**To do**
Transcribe each line below verbatim; pictures excluded.

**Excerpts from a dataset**
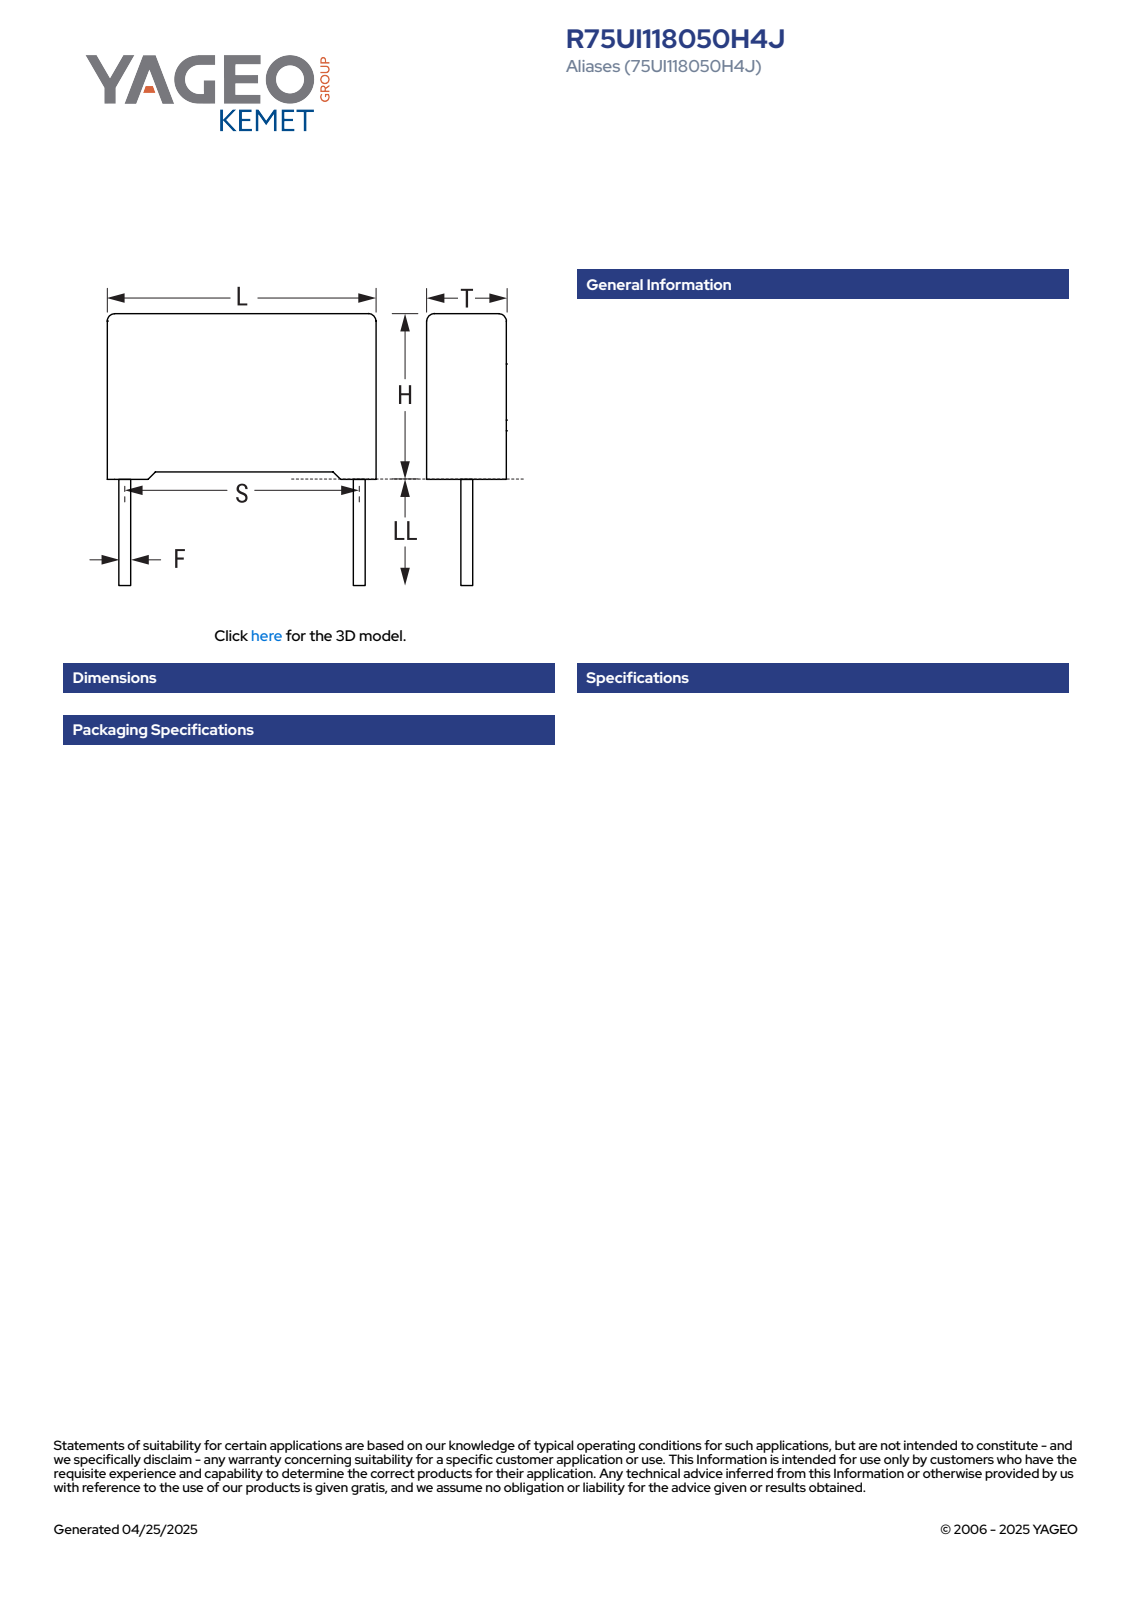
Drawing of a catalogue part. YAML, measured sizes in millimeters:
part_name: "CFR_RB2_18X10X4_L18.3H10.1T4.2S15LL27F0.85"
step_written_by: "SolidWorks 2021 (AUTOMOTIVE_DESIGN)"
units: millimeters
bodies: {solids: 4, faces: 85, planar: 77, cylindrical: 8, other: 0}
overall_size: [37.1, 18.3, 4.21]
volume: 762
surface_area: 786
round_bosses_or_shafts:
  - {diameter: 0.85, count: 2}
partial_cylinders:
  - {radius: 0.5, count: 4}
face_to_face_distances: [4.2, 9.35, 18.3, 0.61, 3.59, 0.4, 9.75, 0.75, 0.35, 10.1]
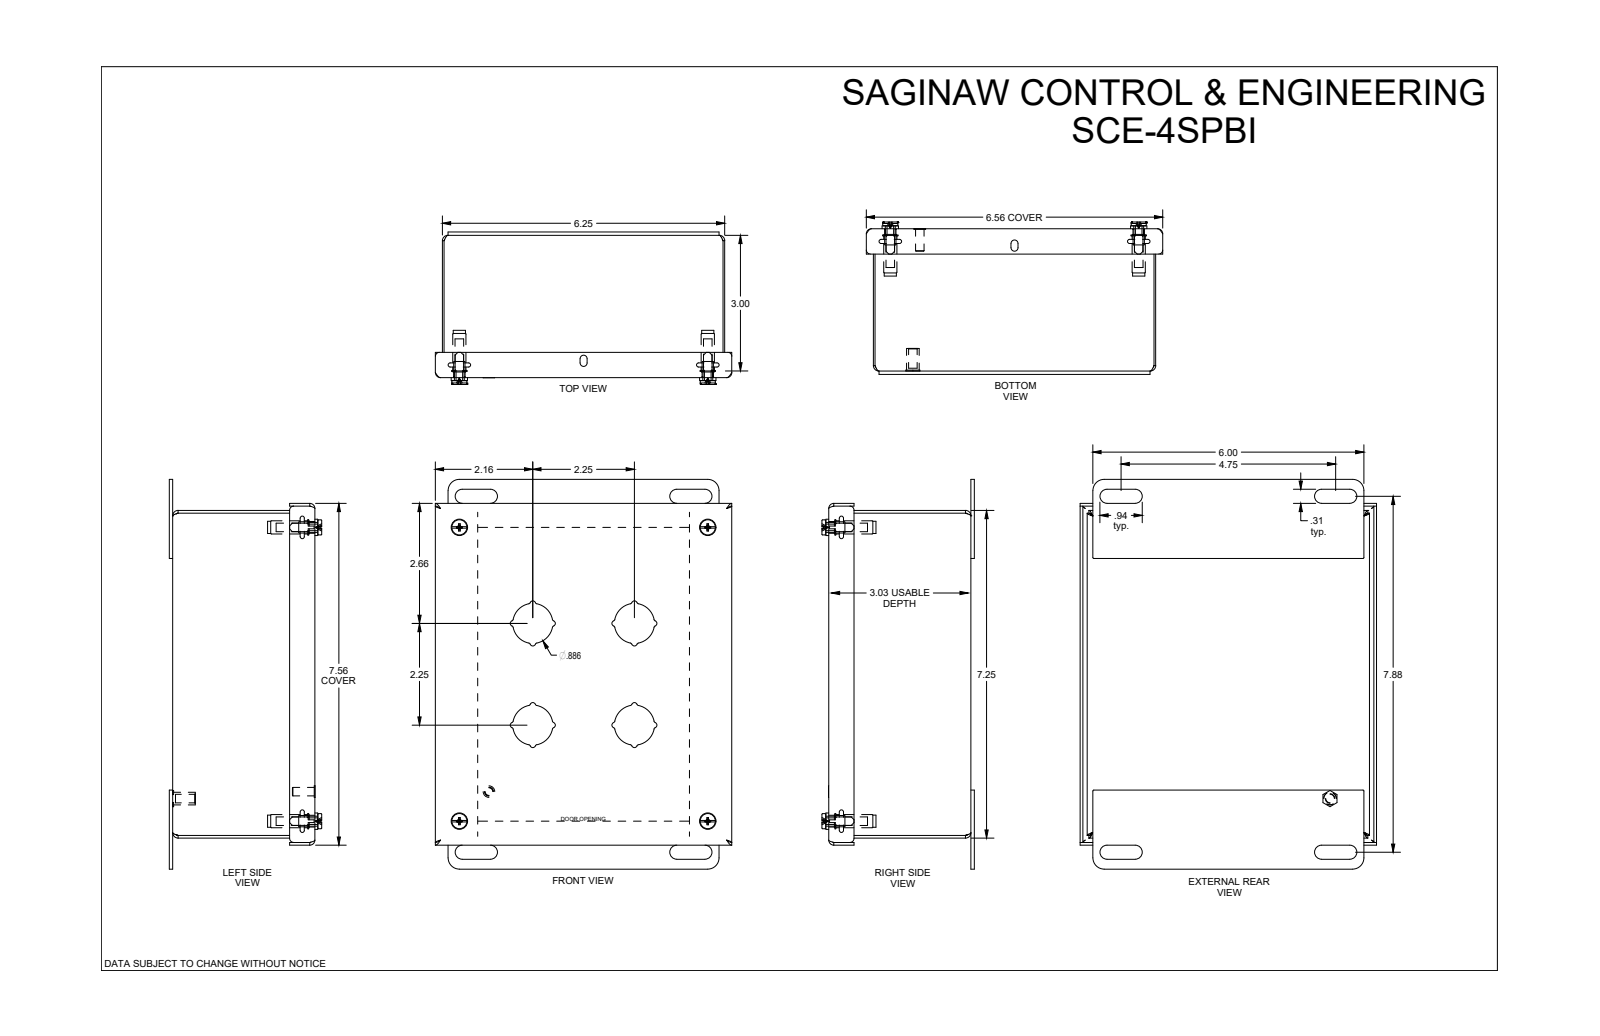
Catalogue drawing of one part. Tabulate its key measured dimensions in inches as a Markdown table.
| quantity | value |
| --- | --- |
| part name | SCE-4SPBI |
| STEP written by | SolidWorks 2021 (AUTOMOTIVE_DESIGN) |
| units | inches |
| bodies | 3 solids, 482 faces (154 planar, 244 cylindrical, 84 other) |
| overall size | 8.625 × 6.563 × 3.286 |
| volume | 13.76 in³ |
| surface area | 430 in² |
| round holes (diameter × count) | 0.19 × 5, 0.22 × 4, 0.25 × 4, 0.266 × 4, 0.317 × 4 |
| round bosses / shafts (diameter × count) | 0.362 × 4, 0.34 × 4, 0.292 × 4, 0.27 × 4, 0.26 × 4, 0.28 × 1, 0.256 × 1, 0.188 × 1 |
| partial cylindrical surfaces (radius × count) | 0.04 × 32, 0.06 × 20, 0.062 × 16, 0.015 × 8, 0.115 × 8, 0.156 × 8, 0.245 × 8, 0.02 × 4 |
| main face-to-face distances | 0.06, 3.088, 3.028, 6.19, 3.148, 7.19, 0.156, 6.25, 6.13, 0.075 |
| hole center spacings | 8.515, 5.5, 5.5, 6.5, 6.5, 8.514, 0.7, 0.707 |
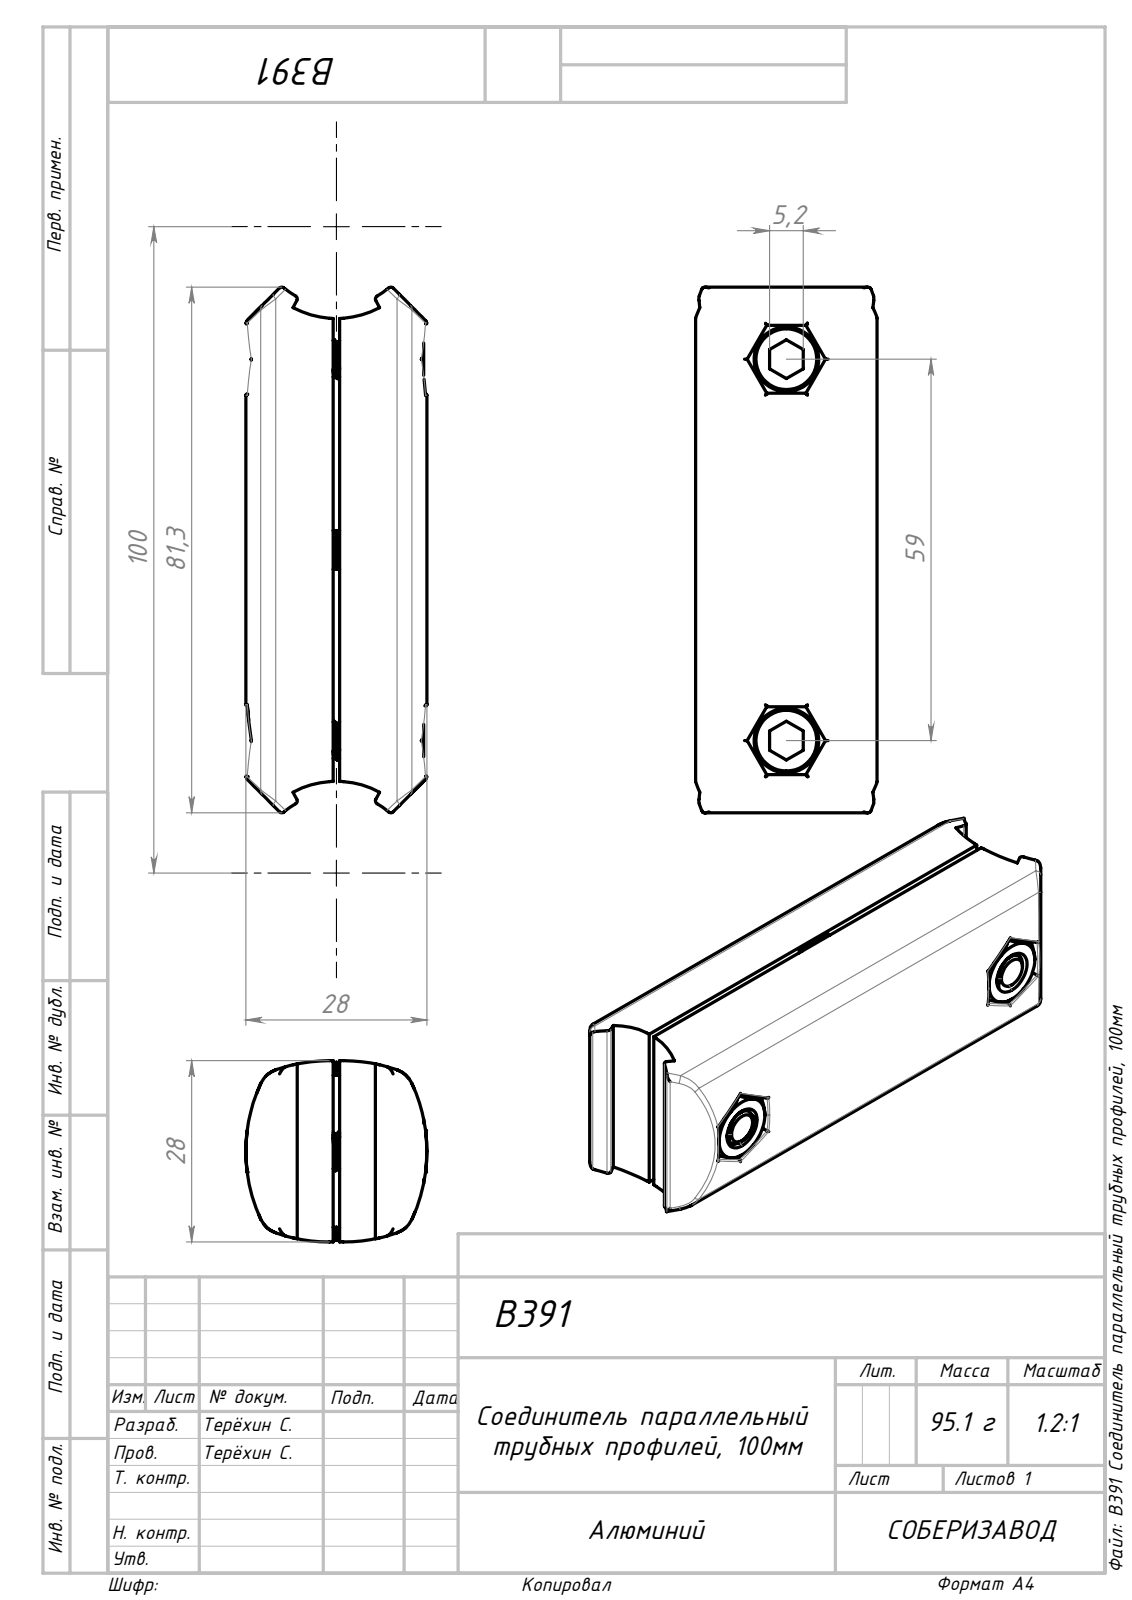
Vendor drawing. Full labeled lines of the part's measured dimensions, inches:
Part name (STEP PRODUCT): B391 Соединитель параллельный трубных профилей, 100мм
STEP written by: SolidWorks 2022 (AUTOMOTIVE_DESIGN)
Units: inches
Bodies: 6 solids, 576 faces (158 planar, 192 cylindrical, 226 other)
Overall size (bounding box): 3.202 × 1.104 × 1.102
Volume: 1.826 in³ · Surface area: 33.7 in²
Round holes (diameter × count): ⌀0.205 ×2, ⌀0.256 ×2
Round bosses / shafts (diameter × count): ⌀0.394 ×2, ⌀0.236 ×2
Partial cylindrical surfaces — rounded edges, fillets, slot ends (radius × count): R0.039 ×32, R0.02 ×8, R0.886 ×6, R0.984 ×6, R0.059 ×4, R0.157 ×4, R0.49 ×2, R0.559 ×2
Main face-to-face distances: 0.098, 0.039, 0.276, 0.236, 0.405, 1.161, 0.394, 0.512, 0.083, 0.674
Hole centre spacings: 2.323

**Answer area**
Drawing of a catalogue part. YAML, measured sizes in millimeters:
part_name: "CFR_RB2_18X10X4_L18.3H10.1T4.2S15LL27F0.85"
step_written_by: "SolidWorks 2021 (AUTOMOTIVE_DESIGN)"
units: millimeters
bodies: {solids: 4, faces: 85, planar: 77, cylindrical: 8, other: 0}
overall_size: [37.1, 18.3, 4.21]
volume: 762
surface_area: 786
round_bosses_or_shafts:
  - {diameter: 0.85, count: 2}
partial_cylinders:
  - {radius: 0.5, count: 4}
face_to_face_distances: [4.2, 9.35, 18.3, 0.61, 3.59, 0.4, 9.75, 0.75, 0.35, 10.1]
Catalogue drawing of one part. Tabulate its key measured dimensions in inches as a Markdown table.
| quantity | value |
| --- | --- |
| part name | SCE-4SPBI |
| STEP written by | SolidWorks 2021 (AUTOMOTIVE_DESIGN) |
| units | inches |
| bodies | 3 solids, 482 faces (154 planar, 244 cylindrical, 84 other) |
| overall size | 8.625 × 6.563 × 3.286 |
| volume | 13.76 in³ |
| surface area | 430 in² |
| round holes (diameter × count) | 0.19 × 5, 0.22 × 4, 0.25 × 4, 0.266 × 4, 0.317 × 4 |
| round bosses / shafts (diameter × count) | 0.362 × 4, 0.34 × 4, 0.292 × 4, 0.27 × 4, 0.26 × 4, 0.28 × 1, 0.256 × 1, 0.188 × 1 |
| partial cylindrical surfaces (radius × count) | 0.04 × 32, 0.06 × 20, 0.062 × 16, 0.015 × 8, 0.115 × 8, 0.156 × 8, 0.245 × 8, 0.02 × 4 |
| main face-to-face distances | 0.06, 3.088, 3.028, 6.19, 3.148, 7.19, 0.156, 6.25, 6.13, 0.075 |
| hole center spacings | 8.515, 5.5, 5.5, 6.5, 6.5, 8.514, 0.7, 0.707 |
Vendor drawing. Full labeled lines of the part's measured dimensions, inches:
Part name (STEP PRODUCT): B391 Соединитель параллельный трубных профилей, 100мм
STEP written by: SolidWorks 2022 (AUTOMOTIVE_DESIGN)
Units: inches
Bodies: 6 solids, 576 faces (158 planar, 192 cylindrical, 226 other)
Overall size (bounding box): 3.202 × 1.104 × 1.102
Volume: 1.826 in³ · Surface area: 33.7 in²
Round holes (diameter × count): ⌀0.205 ×2, ⌀0.256 ×2
Round bosses / shafts (diameter × count): ⌀0.394 ×2, ⌀0.236 ×2
Partial cylindrical surfaces — rounded edges, fillets, slot ends (radius × count): R0.039 ×32, R0.02 ×8, R0.886 ×6, R0.984 ×6, R0.059 ×4, R0.157 ×4, R0.49 ×2, R0.559 ×2
Main face-to-face distances: 0.098, 0.039, 0.276, 0.236, 0.405, 1.161, 0.394, 0.512, 0.083, 0.674
Hole centre spacings: 2.323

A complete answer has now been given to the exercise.